# Keeping his cool through a strange, historic day on stand



## HistoryHound (Aug 30, 2008)

> The corruption trial of former House speaker Salvatore F. DiMasi has pulled back the curtain on some of the closely guarded inner workings of Beacon Hill - involving lobbyists, salesmen, and alleged kickbacks.
> 
> serious, revelation dropped: Testifying under oath, Governor Deval Patrick was forced to acknowledge that his code name within the administration is Sally Reynolds.
> 
> "Are there no secrets?'' he pleaded from the witness stand, as the courtroom burst into laughter.


Governor Patrick keeps his cool during a strange, historic day on stand - The Boston Globe

Good to know that the most important thing that the media took from deval's testimony was his code name. I'll admit it's funny and I can't wait to read the MassCops take on it.
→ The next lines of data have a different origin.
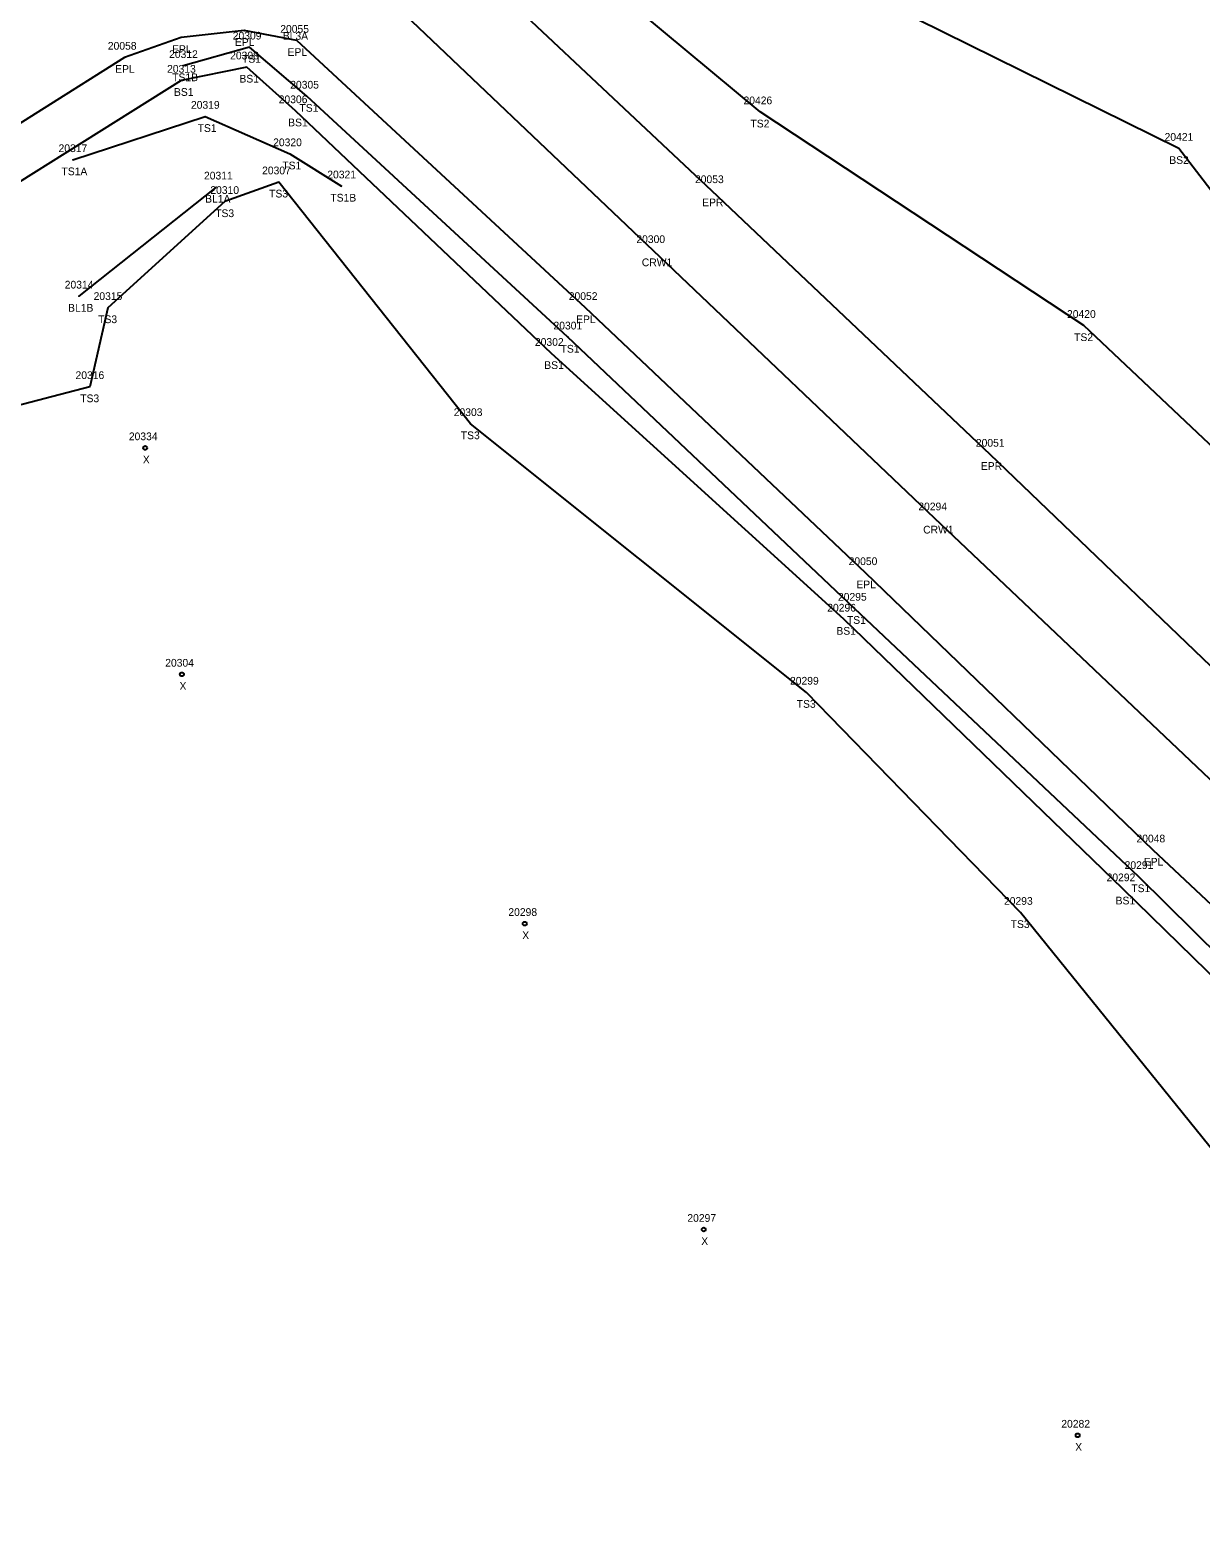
# Model space of a CAD drawing. Extents: x 1813127 to 1814107, y 1178171 to 1179078.
# Drawn here: x 1813803.8 to 1813955.3, y 1178426.8 to 1178622 of the extents above; entities that cross this region are included whole.
import ezdxf

# ---------------------------------------------------------------- set-up
doc = ezdxf.new("R2010")
doc.units = 0
for name, color, linetype in [('RD_DTM_BkLn1', 7, 'Continuous'), ('RD_DTM_BkLn2', 7, 'Continuous'), ('RD_EX_Road', 7, 'Continuous'), ('RD_EX_Road_txCode', 7, 'Continuous'), ('RD_SMD_Locator', 7, 'Continuous'), ('RD_SMD_Misc', 7, 'Continuous')]:
    doc.layers.add(name, color=color, linetype=linetype)

msp = doc.modelspace()

# ---------------------------------------------------------------- linework, layer by layer
at = {"layer": 'RD_DTM_BkLn1'}
msp.add_line((1813827.85, 1178601.7), (1813810.09, 1178587.58), dxfattribs=at)
msp.add_lwpolyline([(1814069.63, 1178419.56), (1814043.03, 1178443.95), (1814031.76, 1178453.98), (1813994.68, 1178489.07), (1813958.14, 1178523.5), (1813920.87, 1178558.86), (1813884.46, 1178593.47), (1813847.15, 1178628.98), (1813831.28, 1178643.33), (1813810.03, 1178662.5), (1813772.7, 1178693.86)], dxfattribs=at)
at = {"layer": 'RD_DTM_BkLn2'}
for points in [[(1814080.77, 1178431.89), (1814053.55, 1178456.53), (1814053.55, 1178456.53), (1814043.11, 1178466.04), (1814008.23, 1178502.68), (1813981.17, 1178545.08), (1813940.17, 1178583.78), (1813898.27, 1178611.44), (1813860.48, 1178642.94), (1813824.26, 1178675.11), (1813790.56, 1178704.96), (1813785.53, 1178702.33), (1813780.61, 1178703.45)], [(1814084.95, 1178436.37), (1814047.91, 1178471.1), (1814016.08, 1178513.45), (1813993.35, 1178553.48), (1813952.47, 1178606.71), (1813860.87, 1178652.01), (1813829.57, 1178687.07), (1813824.98, 1178702.29)], [(1814016.37, 1178444.99), (1813983.01, 1178477.16), (1813947.31, 1178512.42), (1813910.48, 1178547.16), (1813873.41, 1178582.28), (1813839.61, 1178613.47), (1813832.17, 1178619.82), (1813823.6, 1178617.43)], [(1814014.78, 1178443.42), (1813981.68, 1178475.25), (1813945.25, 1178510.83), (1813909.11, 1178545.75), (1813871.28, 1178580.16), (1813838.14, 1178611.58), (1813831.82, 1178617.25), (1813823.34, 1178615.53), (1813787.27, 1178592.92)], [(1813809.29, 1178605.25), (1813826.43, 1178610.86), (1813837.39, 1178606.01), (1813844.08, 1178601.84)], [(1813893.16, 1178338.84), (1813921.32, 1178364.43), (1813929.94, 1178352.15), (1813936.66, 1178353.94), (1813964.13, 1178381.53), (1813993.38, 1178417.59), (1814007.74, 1178441.51), (1813972.38, 1178457.8), (1813931.97, 1178507.78), (1813904.27, 1178536.29), (1813860.78, 1178571.07), (1813835.97, 1178602.37), (1813828.98, 1178599.83), (1813813.84, 1178586.1), (1813811.52, 1178575.86), (1813773.95, 1178566.06)]]:
    msp.add_lwpolyline(points, dxfattribs=at)
at = {"layer": 'RD_EX_Road'}
for points in [[(1814076.45, 1178427.4), (1814038.86, 1178461.87), (1814001.83, 1178496.62), (1813965.15, 1178531.54), (1813928.08, 1178567.1), (1813892.01, 1178601.23), (1813854.54, 1178636.51), (1813817.44, 1178670.03), (1813779.87, 1178701.64)], [(1813829.87, 1178208.6), (1813830.81, 1178209.56), (1813845.51, 1178227.94), (1813874.69, 1178258.74), (1813910.02, 1178295.38), (1813943.63, 1178333.84), (1813974.31, 1178373.09), (1814001.91, 1178410.56), (1814011.9, 1178425.95), (1814015.58, 1178434.3), (1814016.71, 1178442.08), (1814017.03, 1178447.13), (1814015.19, 1178453.67), (1813986.47, 1178480.85), (1813949.15, 1178515.86), (1813911.94, 1178551.77), (1813875.67, 1178586.1), (1813838.32, 1178620.7), (1813831.51, 1178622), (1813823.35, 1178621.08), (1813815.99, 1178618.51), (1813795.14, 1178605.39)]]:
    msp.add_lwpolyline(points, dxfattribs=at)
at = {"layer": 'RD_SMD_Locator'}
for centre, radius in [((1813823.35, 1178621.08), 0.001), ((1813831.51, 1178622), 0.001), ((1813838.32, 1178620.7), 0.001), ((1813832.17, 1178619.82), 0.001), ((1813815.99, 1178618.51), 0.001), ((1813823.6, 1178617.43), 0.001), ((1813831.82, 1178617.25), 0.001), ((1813823.34, 1178615.53), 0.001), ((1813839.61, 1178613.47), 0.001), ((1813826.43, 1178610.86), 0.001), ((1813838.14, 1178611.58), 0.001), ((1813898.27, 1178611.44), 0.001), ((1813809.29, 1178605.25), 0.001), ((1813837.39, 1178606.01), 0.001), ((1813952.47, 1178606.71), 0.001), ((1813827.85, 1178601.7), 0.001), ((1813835.97, 1178602.37), 0.001), ((1813844.08, 1178601.84), 0.001), ((1813892.01, 1178601.23), 0.001), ((1813828.98, 1178599.83), 0.001), ((1813884.46, 1178593.47), 0.001), ((1813810.09, 1178587.58), 0.001), ((1813813.84, 1178586.1), 0.001), ((1813875.67, 1178586.1), 0.001), ((1813940.17, 1178583.78), 0.001), ((1813873.41, 1178582.28), 0.001), ((1813871.28, 1178580.16), 0.001), ((1813811.52, 1178575.86), 0.001), ((1813860.78, 1178571.07), 0.001), ((1813818.68, 1178567.94), 0.25), ((1813928.08, 1178567.1), 0.001), ((1813920.87, 1178558.86), 0.001), ((1813911.94, 1178551.77), 0.001), ((1813910.48, 1178547.16), 0.001), ((1813909.11, 1178545.75), 0.001), ((1813823.43, 1178538.62), 0.25), ((1813904.27, 1178536.29), 0.001), ((1813949.15, 1178515.86), 0.001), ((1813947.31, 1178512.42), 0.001), ((1813945.25, 1178510.83), 0.001), ((1813931.97, 1178507.78), 0.001), ((1813867.81, 1178506.34), 0.25), ((1813890.98, 1178466.73), 0.25), ((1813939.39, 1178440.08), 0.25)]:
    msp.add_circle(centre, radius, dxfattribs=at)

# ---------------------------------------------------------------- texts
at = {"layer": 'RD_EX_Road_txCode'}
for s, p in [('20055', (1813836.16, 1178621.7)), ('20058', (1813813.84, 1178619.51)), ('EPL', (1813830.3, 1178620)), ('EPL', (1813822.15, 1178619.08)), ('EPL', (1813837.11, 1178618.7)), ('EPL', (1813814.79, 1178616.51)), ('20053', (1813889.85, 1178602.23)), ('EPR', (1813890.78, 1178599.23)), ('20052', (1813873.51, 1178587.1)), ('EPL', (1813874.46, 1178584.1)), ('20051', (1813926.21, 1178568.1)), ('EPR', (1813926.86, 1178565.1)), ('20050', (1813909.74, 1178552.77)), ('EPL', (1813910.74, 1178549.77)), ('20048', (1813947, 1178516.86)), ('EPL', (1813947.95, 1178513.86))]:
    msp.add_text(s, height=1, dxfattribs=at).set_placement(p)
at = {"layer": 'RD_SMD_Misc'}
for s, p in [('20309', (1813830.01, 1178620.82)), ('BL3A', (1813836.49, 1178620.79)), ('20312', (1813821.77, 1178618.43)), ('20308', (1813829.67, 1178618.25)), ('TS1', (1813831.21, 1178617.82)), ('20313', (1813821.51, 1178616.53)), ('TS1B', (1813822.17, 1178615.43)), ('BS1', (1813830.88, 1178615.25)), ('20305', (1813837.45, 1178614.47)), ('BS1', (1813822.4, 1178613.53)), ('20319', (1813824.6, 1178611.86)), ('20306', (1813835.96, 1178612.58)), ('20426', (1813896.13, 1178612.44)), ('TS1', (1813838.65, 1178611.47)), ('TS1', (1813825.47, 1178608.86)), ('BS1', (1813837.19, 1178609.58)), ('TS2', (1813897.03, 1178609.44)), ('20317', (1813807.46, 1178606.25)), ('20320', (1813835.24, 1178607.01)), ('20421', (1813950.64, 1178607.71)), ('TS1', (1813836.43, 1178604.01)), ('BS2', (1813951.25, 1178604.71)), ('TS1A', (1813807.84, 1178603.25)), ('20311', (1813826.29, 1178602.7)), ('20307', (1813833.81, 1178603.37)), ('20321', (1813842.25, 1178602.84)), ('20310', (1813827.11, 1178600.83)), ('TS3', (1813834.72, 1178600.37)), ('BL1A', (1813826.44, 1178599.7)), ('TS1B', (1813842.65, 1178599.84)), ('TS3', (1813827.74, 1178597.83)), ('20300', (1813882.26, 1178594.47)), ('CRW1', (1813882.97, 1178591.47)), ('20314', (1813808.26, 1178588.58)), ('20315', (1813812, 1178587.1)), ('BL1B', (1813808.7, 1178585.58)), ('20420', (1813938.01, 1178584.78)), ('TS3', (1813812.59, 1178584.1)), ('20301', (1813871.53, 1178583.28)), ('20302', (1813869.13, 1178581.16)), ('TS2', (1813938.93, 1178581.78)), ('TS1', (1813872.45, 1178580.28)), ('20316', (1813809.66, 1178576.86)), ('BS1', (1813870.34, 1178578.16)), ('TS3', (1813810.27, 1178573.86)), ('20303', (1813858.62, 1178572.07)), ('20334', (1813816.56, 1178568.94)), ('TS3', (1813859.53, 1178569.07)), ('X', (1813818.37, 1178565.94)), ('20294', (1813918.76, 1178559.86)), ('CRW1', (1813919.39, 1178556.86)), ('20295', (1813908.36, 1178548.16)), ('20296', (1813906.97, 1178546.75)), ('BS1', (1813908.16, 1178543.75)), ('TS1', (1813909.52, 1178545.16)), ('20304', (1813821.27, 1178539.62)), ('X', (1813823.12, 1178536.62)), ('20299', (1813902.15, 1178537.29)), ('TS3', (1813903.02, 1178534.29)), ('20291', (1813945.47, 1178513.42)), ('20292', (1813943.13, 1178511.83)), ('TS1', (1813946.34, 1178510.42)), ('20293', (1813929.85, 1178508.78)), ('BS1', (1813944.3, 1178508.83)), ('20298', (1813865.69, 1178507.34)), ('X', (1813867.49, 1178504.34)), ('TS3', (1813930.72, 1178505.78)), ('20297', (1813888.86, 1178467.73)), ('X', (1813890.66, 1178464.73)), ('20282', (1813937.27, 1178441.08)), ('X', (1813939.07, 1178438.08))]:
    msp.add_text(s, height=1, dxfattribs=at).set_placement(p)

doc.saveas('drawing.dxf')

But, I find it a bit annoying that the only thing I've seen on the news about his testimony had to do with his code name.


----------



## Guest (May 30, 2011)

It is nice to see that the courtroom is as much of a joke as Beacon Hill.


----------



## justanotherparatrooper (Aug 27, 2006)

So he was "forced" into going along with the Speaker to get cooperation for legislation...boy isnt that "real leadership"
...time to man up Sally


----------